A high school student’s diary containing comments promoting violence against homosexual and minority students and laying out plans for Columbine-like shootings at several schools was enough to lead the school’s principal to call the student a "terroristic threat" and resulted in his arrest. Though no criminal charges were filed against the student, in his civil case against the school, the U.S. Court of Appeals in New Orleans held that administrators can apply zero-tolerance rules to threats of violence and other forms of school speech.  Here, the student in question maintained that his notebook was a work of fiction.

The 5th Circuit panel said it was "follow[ing] the lead" of the U.S. Supreme Court’s 2007 decision in Morse v. Frederick, where the Court held that a school administrator did not improperly suspend a student for displaying a controversial message — "Bong hits 4 Jesus" — on a banner at a school-sponsored event. First Amendment advocates with a view that student speech should be protected just as "adult" speech is protected had hoped the circuits might more narrowly apply Morse.
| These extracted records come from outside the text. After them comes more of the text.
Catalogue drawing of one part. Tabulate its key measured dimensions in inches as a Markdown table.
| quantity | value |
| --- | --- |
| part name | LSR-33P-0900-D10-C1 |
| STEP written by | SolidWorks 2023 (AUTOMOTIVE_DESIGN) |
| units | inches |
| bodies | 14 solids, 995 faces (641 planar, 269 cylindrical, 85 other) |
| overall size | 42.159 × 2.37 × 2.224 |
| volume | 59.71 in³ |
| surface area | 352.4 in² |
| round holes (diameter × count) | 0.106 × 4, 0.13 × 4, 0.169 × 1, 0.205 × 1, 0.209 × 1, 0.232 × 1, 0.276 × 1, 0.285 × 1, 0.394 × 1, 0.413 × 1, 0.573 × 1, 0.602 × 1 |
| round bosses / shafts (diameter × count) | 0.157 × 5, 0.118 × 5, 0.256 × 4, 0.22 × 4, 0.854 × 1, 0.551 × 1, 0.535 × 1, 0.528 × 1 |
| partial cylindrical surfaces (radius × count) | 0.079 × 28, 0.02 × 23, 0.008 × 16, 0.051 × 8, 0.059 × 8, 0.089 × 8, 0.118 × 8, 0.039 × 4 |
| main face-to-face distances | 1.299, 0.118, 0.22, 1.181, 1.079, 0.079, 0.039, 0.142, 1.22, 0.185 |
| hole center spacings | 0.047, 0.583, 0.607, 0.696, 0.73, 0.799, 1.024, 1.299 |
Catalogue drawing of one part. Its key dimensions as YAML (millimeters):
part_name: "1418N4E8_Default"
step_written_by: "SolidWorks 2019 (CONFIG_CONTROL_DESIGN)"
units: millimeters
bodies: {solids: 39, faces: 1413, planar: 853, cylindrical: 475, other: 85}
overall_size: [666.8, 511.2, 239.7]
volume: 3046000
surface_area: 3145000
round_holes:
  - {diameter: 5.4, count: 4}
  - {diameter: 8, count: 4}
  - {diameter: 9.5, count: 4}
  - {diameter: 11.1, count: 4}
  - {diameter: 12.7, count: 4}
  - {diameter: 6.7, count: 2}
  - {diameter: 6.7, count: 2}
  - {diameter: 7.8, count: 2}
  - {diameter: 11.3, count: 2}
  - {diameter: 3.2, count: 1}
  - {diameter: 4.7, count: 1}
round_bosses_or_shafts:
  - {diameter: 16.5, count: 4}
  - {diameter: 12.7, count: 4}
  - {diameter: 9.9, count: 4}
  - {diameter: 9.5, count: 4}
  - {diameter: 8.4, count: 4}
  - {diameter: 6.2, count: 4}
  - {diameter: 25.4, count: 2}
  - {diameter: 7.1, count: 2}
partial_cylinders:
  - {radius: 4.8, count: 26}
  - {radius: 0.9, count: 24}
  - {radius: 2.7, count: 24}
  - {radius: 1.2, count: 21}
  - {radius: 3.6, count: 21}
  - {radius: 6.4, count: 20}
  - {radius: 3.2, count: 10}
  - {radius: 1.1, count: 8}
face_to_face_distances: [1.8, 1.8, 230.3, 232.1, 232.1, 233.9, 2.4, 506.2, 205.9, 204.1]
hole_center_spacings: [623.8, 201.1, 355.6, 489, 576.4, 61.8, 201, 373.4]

In an analysis of the case, a commentary by the First Amendment Center discussed the effect of the ruling in the 5th Circuit:

School administrators in the 5th Circuit thus now may apply zero-tolerance rules to any speech about violence against students. The threat of violence need not be credible, imminent or even possible. It need not be widely disseminated or even disseminated at all at school. Any speech about violence against students, even if clearly fiction or fantasy, is without First Amendment protection in that circuit.

The hope is that circuits hearing cases such as this in the future will look back to the standard under Tinker v. Des Moines Indep. Sch. Dist. that required a court to look at the existence of actual disruption or the likelihood to cause substantial disruption, and perhaps extend that to a case like this to require a finding of a likelihood of violence rather than such a narrow "zero-tolerance" policy that extends even to works of student fiction.